What happens when you run apt commands

Background

In Linux world softwares are delivered in the form of package. As a software engineer wants to work in Linux platform, you’ll run package management commands again and again. So you need to understand what actually happens when you run such commands. In this article, I’ll introduce this topic.

Note that different Linux distros have different package management tool. In this article let’s focus on Ubuntu system and the package management tool is apt.

Software repositories

Nowadays, everybody is familiar with app store, which is one central location. And users can retrieve applications there. In Linux world, software repositories work just like app store. Software repositories are generally made available in the form of mirros, to which your Linux system subscribe.

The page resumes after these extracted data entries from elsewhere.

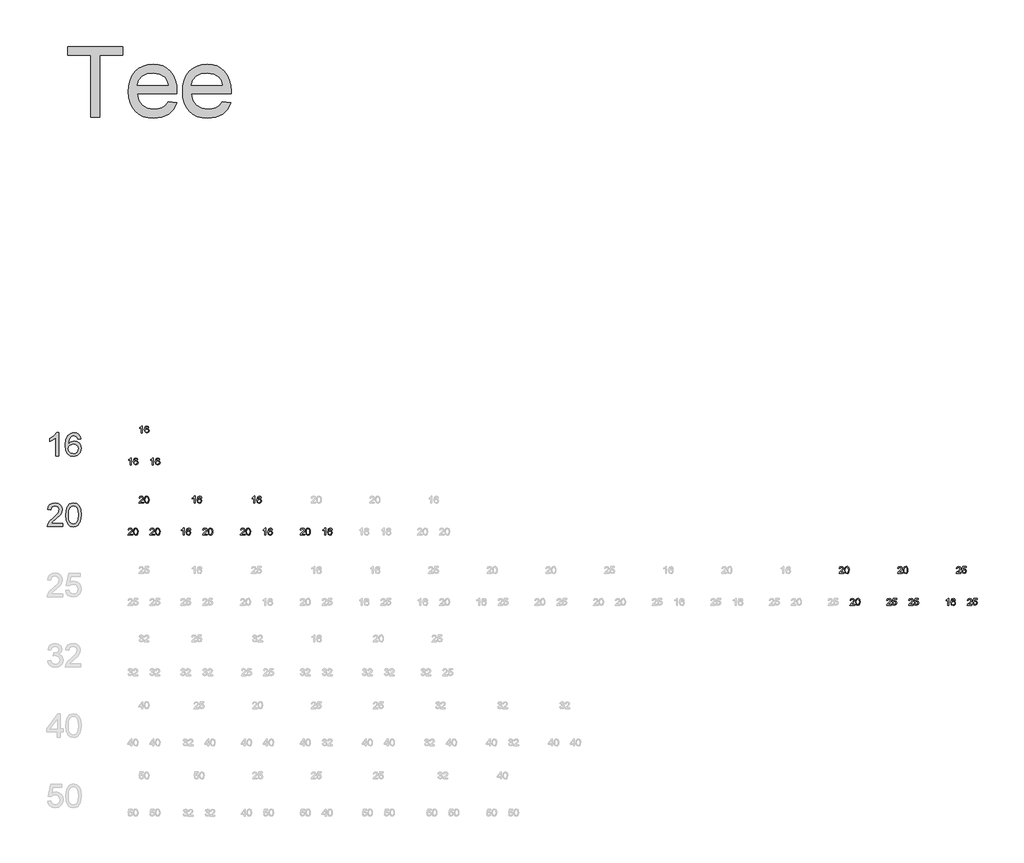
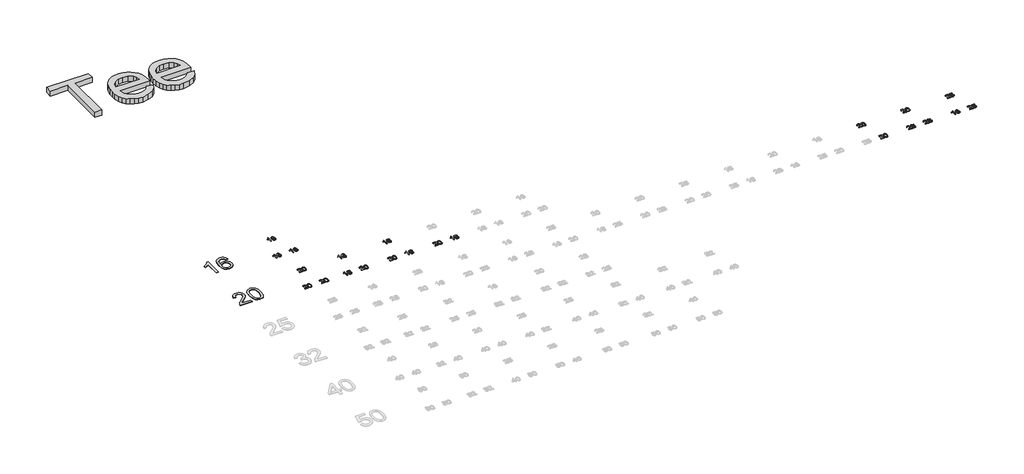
# One storey, part 20 of 26: 25 proxies.
"""IFC4 building model written with IfcOpenShell, lengths in millimetres."""

from ifc_helpers import new_model, si_unit, origin, origin_with_axes, place, context, project, spatial, polyline, outline, extrude, element, save

model = new_model("IFC4")

# Units and contexts
model_context = context("Model", 3, world=origin())
ifc_project = project(units=[si_unit("LENGTHUNIT", "METRE", prefix="MILLI")], contexts=[model_context])

# Site, building, storey
site = spatial("IfcSite", under=ifc_project)
building = spatial("IfcBuilding", under=site)
storey = spatial("IfcBuildingStorey", under=building, Name="Superpipe UFH", Elevation=0.0)

# Proxies
placement = place(None, origin())
element("IfcBuildingElementProxy", 1, Name="100mm Arial", ObjectType="100mm Arial", at=placement, inside=storey, context=model_context, shape_type="SweptSolid", body=[
    extrude(outline(polyline([(25218.072208, 24325.7324643), (25205.5151692, 24325.7324643), (25205.5151692, 24404.0177529), (25193.6203181, 24395.5442043), (25180.4010917, 24389.2043712), (25180.4010917, 24401.0746969), (25198.8074542, 24412.8223953), (25209.9788041, 24426.1887745), (25218.072208, 24426.1887745), (25218.072208, 24325.7324643)])), origin_with_axes(), (0.0, 0.0, 1.0), 2.0),
    extrude(outline(polyline([(25312.2499988, 24399.5050671), (25299.69296, 24397.9354372), (25294.9350195, 24408.4078114), (25282.3534553, 24413.6317357), (25271.0226898, 24410.5905779), (25262.4510394, 24399.1739733), (25258.882584, 24376.7944853), (25269.9558321, 24386.8131383), (25283.6778305, 24390.087288), (25295.2783761, 24387.8493392), (25305.0149862, 24381.1354928), (25311.618468, 24370.8777165), (25313.8196286, 24358.007978), (25309.6748248, 24340.6807361), (25298.270483, 24328.4180029), (25281.813895, 24324.1628345), (25267.5676648, 24326.9832631), (25256.2215709, 24335.444549), (25248.7995517, 24350.380558), (25246.3255452, 24372.625156), (25249.0723975, 24397.6350003), (25257.3129542, 24414.7353817), (25268.5640118, 24423.3254263), (25283.1382702, 24426.1887745), (25294.156336, 24424.4168095), (25302.9793725, 24419.1009147), (25309.15979, 24410.6580229), (25312.2499988, 24399.5050671)]), holes=[polyline([(25258.882584, 24358.2041818), (25261.7888518, 24347.3271374), (25269.5143737, 24339.4299373), (25280.8328764, 24336.7198733), (25289.1194183, 24338.1239562), (25295.6339953, 24342.336205), (25299.8554412, 24348.958081), (25301.2625899, 24357.5910451), (25299.8738353, 24365.8775871), (25295.7075717, 24372.1959603), (25289.0826301, 24376.196677), (25280.3178416, 24377.5302492), (25265.1243152, 24372.1959603), (25260.4430168, 24366.0308712), (25258.882584, 24358.2041818)])]), origin_with_axes(), (0.0, 0.0, 1.0), 2.0),
])
element("IfcBuildingElementProxy", 2, Name="100mm Arial", ObjectType="100mm Arial", at=placement, inside=storey, context=model_context, shape_type="SweptSolid", body=[
    extrude(outline(polyline([(25235.3381363, 24038.2895031), (25235.3381363, 24025.7324643), (25169.4136828, 24025.7324643), (25170.7625834, 24034.3899539), (25178.3900035, 24047.7195449), (25194.1108274, 24062.2754092), (25215.7913396, 24083.195632), (25221.2114677, 24097.4204025), (25216.097908, 24108.9351089), (25202.7437915, 24113.6317357), (25188.8255894, 24109.0454735), (25183.5403514, 24096.3658074), (25170.9833126, 24097.9354372), (25174.0275361, 24110.0816745), (25180.6095582, 24118.9537619), (25190.3860222, 24124.3800213), (25203.0135717, 24126.1887745), (25215.7330917, 24124.1776862), (25225.4911616, 24118.1444215), (25231.6991702, 24109.1313126), (25233.7685065, 24098.1806919), (25231.536689, 24086.273578), (25224.1177355, 24073.9617939), (25206.1283059, 24056.7571793), (25191.6828062, 24044.6783871), (25186.0174235, 24038.2895031), (25235.3381363, 24038.2895031)])), origin_with_axes(), (0.0, 0.0, 1.0), 2.0),
    extrude(outline(polyline([(25247.8951751, 24075.151279), (25251.5862578, 24104.0545411), (25262.5491412, 24120.7195955), (25280.8574019, 24126.1887745), (25295.5236307, 24122.9514129), (25305.6526483, 24113.619473), (25311.5387602, 24098.7570404), (25313.8196286, 24075.151279), (25310.1653341, 24046.3706443), (25299.2392389, 24029.6688017), (25291.0078792, 24025.5393263), (25280.8574019, 24024.1628345), (25267.8098538, 24026.5540675), (25257.9015654, 24033.7277664), (25250.3967727, 24050.7177832), (25247.8951751, 24075.151279)]), holes=[polyline([(25260.4522139, 24075.1758045), (25261.9237418, 24055.423607), (25266.3383258, 24043.991674), (25272.9111508, 24038.5378234), (25280.8574019, 24036.7198733), (25288.8036529, 24038.5439548), (25295.3764779, 24044.0161995), (25299.7910619, 24055.4542639), (25301.2625899, 24075.1758045), (25299.8401128, 24094.4834779), (25295.5726817, 24106.0043157), (25289.0121194, 24111.7248807), (25280.7102491, 24113.6317357), (25272.8498371, 24111.9517413), (25266.5345295, 24106.9117579), (25261.9727928, 24094.6735502), (25260.4522139, 24075.1758045)])]), origin_with_axes(), (0.0, 0.0, 1.0), 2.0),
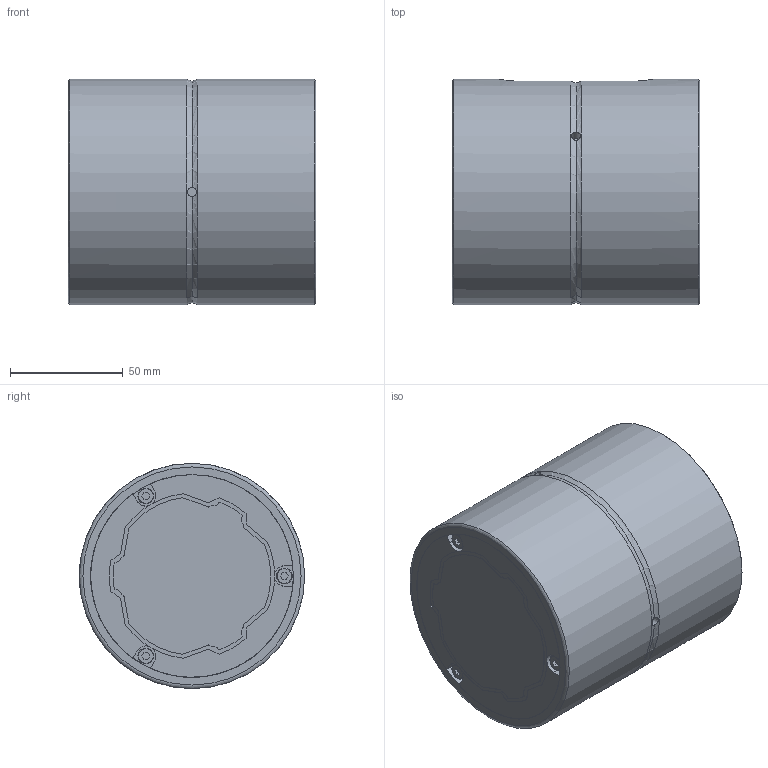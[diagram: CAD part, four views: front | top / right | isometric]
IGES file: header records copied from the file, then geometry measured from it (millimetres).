
Start section: Data from Parasolid IGES Translator 26.0.171, Copyright(c) 2006 Siemens PLM Software. All Rights Reserved.
Global section: file name: SLS701110(00).igs; native system: By Siemens PLM Incorporated; preprocessor: XPlus GENERIC/IGES 26.0.171; author: Noname; organization: Noname; date: 20240523.114723; units: millimetre
Bounding box: 110 x 100 x 100 mm (x, y, z)
Surface area: 102153.3 mm2 (no closed solid volume)
Topology: 0 solids, 0 shells, 253 faces, 1382 edges, 1350 vertices
Faces by surface type: extrusion 132, revolution 121
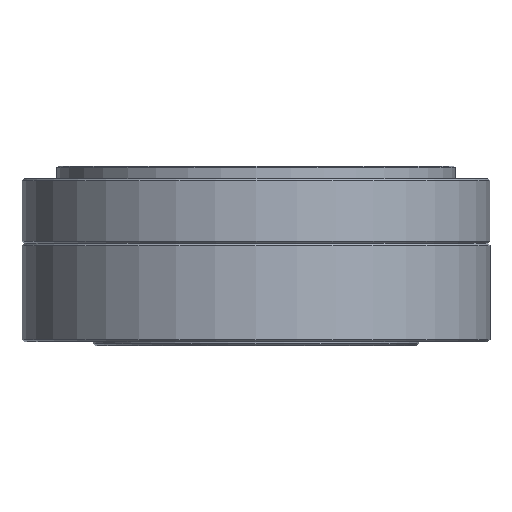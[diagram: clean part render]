
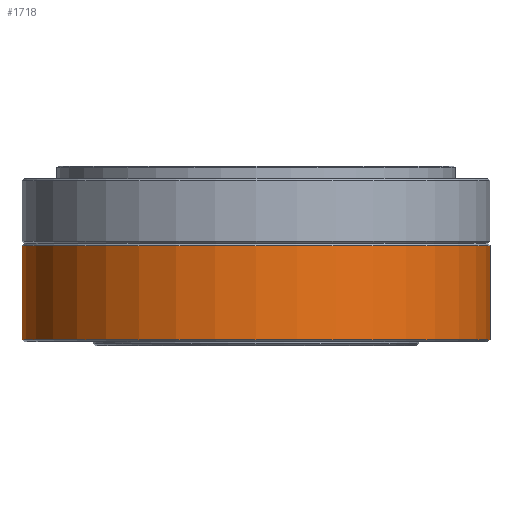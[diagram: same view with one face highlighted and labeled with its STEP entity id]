
A CAD part, front view. The second image highlights one B-rep face of the part: STEP entity #1718.
In plain terms, the highlighted cylindrical face has radius 56 mm (diameter 112 mm), a full revolution.
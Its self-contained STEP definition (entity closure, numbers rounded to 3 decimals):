
#1481=CYLINDRICAL_SURFACE('',#8796,56.);
#1718=ADVANCED_FACE('',(#2561,#2562),#1481,.T.);
#2561=FACE_BOUND('',#3473,.T.);
#2562=FACE_BOUND('',#3474,.T.);
#3473=EDGE_LOOP('',(#4529));
#3474=EDGE_LOOP('',(#4530));
#4529=ORIENTED_EDGE('',*,*,#7083,.T.);
#4530=ORIENTED_EDGE('',*,*,#7082,.F.);
#6300=VERTEX_POINT('',#12963);
#6301=VERTEX_POINT('',#12966);
#7082=EDGE_CURVE('',#6300,#6300,#8006,.T.);
#7083=EDGE_CURVE('',#6301,#6301,#8007,.T.);
#8006=CIRCLE('',#8793,56.);
#8007=CIRCLE('',#8795,56.);
#8793=AXIS2_PLACEMENT_3D('',#12962,#10305,#10306);
#8795=AXIS2_PLACEMENT_3D('',#12965,#10309,#10310);
#8796=AXIS2_PLACEMENT_3D('',#12967,#10311,#10312);
#10305=DIRECTION('',(0.,0.,-1.));
#10306=DIRECTION('',(-1.,0.,0.));
#10309=DIRECTION('',(0.,0.,-1.));
#10310=DIRECTION('',(-1.,0.,0.));
#10311=DIRECTION('',(0.,0.,-1.));
#10312=DIRECTION('',(-1.,0.,0.));
#12962=CARTESIAN_POINT('',(0.,0.,1.5));
#12963=CARTESIAN_POINT('',(-56.,0.,1.5));
#12965=CARTESIAN_POINT('',(0.,0.,24.));
#12966=CARTESIAN_POINT('',(-56.,0.,24.));
#12967=CARTESIAN_POINT('',(0.,0.,0.));

There are many repository mirrors in the world, you can decide which ones to use. In Ubuntu system, it’s defined in the config file of /etc/apt/sources.list as follows:

The URLs defined in the file are just software repositories.

Package index

The APT package index is essentially a database of available packages from the repositories mentioned above.

In Ubuntu system, the package index files are stored in /var/lib/apt/lists

apt update

Based on the above two points, we can easily understand what happens when we run apt update. It doesn’t update any installed packages, instead it updates the package index files in your local machine by sending new network requests to the software repositories. That’s also the reason why we need to run it before we run apt upgrade or apt install. Because the upgraded version or the newly installed version will depend on the updated package index files. In this way users will get the lastest version of the target package.

Before you actually install a package, you can run apt-cache search command with the package name to get the list of any matched available packages. This can help you in case that you don’t know the exact package name in advance.

apt-cache command doesn’t send any network request, instead it works based on the package index files in your local machine. How to prove this point? Of course the most direct way is reading the source code. But I want to show you another way to prove it with the tool of strace.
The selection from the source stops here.